══ Excerpted data ══

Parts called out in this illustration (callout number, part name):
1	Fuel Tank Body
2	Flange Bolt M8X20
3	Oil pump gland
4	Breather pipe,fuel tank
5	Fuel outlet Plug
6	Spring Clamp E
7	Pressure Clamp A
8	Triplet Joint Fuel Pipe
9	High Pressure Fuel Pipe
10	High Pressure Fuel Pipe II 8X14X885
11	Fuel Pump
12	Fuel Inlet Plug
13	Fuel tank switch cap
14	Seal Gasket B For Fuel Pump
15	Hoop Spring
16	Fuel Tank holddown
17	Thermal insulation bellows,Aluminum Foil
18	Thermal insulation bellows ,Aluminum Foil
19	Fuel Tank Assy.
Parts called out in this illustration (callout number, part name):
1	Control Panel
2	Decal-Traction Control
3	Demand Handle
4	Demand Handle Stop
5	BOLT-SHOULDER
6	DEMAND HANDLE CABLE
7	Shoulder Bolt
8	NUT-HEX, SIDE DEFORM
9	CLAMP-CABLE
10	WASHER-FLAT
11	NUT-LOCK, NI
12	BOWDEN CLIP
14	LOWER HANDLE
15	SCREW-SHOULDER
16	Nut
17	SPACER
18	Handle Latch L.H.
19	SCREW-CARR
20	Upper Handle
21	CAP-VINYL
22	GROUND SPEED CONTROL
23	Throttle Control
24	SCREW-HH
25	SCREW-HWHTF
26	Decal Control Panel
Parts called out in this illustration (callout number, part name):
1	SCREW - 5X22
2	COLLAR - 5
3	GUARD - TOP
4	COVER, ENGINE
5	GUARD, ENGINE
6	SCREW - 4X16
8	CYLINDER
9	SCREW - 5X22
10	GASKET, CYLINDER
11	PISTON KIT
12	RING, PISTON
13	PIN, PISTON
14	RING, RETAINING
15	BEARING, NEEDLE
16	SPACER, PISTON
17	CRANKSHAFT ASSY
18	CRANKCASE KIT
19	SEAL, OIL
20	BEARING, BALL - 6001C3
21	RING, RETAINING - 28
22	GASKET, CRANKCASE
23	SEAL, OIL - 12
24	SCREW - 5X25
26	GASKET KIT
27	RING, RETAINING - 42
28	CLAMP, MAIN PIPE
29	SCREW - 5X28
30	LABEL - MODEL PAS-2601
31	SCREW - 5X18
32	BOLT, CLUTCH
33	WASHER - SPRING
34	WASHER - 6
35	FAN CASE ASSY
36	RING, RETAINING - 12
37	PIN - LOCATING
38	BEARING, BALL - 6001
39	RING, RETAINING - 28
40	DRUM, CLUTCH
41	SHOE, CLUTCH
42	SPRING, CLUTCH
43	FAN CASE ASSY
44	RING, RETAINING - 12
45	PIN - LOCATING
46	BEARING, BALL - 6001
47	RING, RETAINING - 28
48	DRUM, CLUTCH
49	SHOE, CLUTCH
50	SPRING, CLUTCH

═══

(Exercise objective):
Among the lines above, find those carrying the word "WASHER" and copy them out.

(Response area):
10	WASHER-FLAT
33	WASHER - SPRING
34	WASHER - 6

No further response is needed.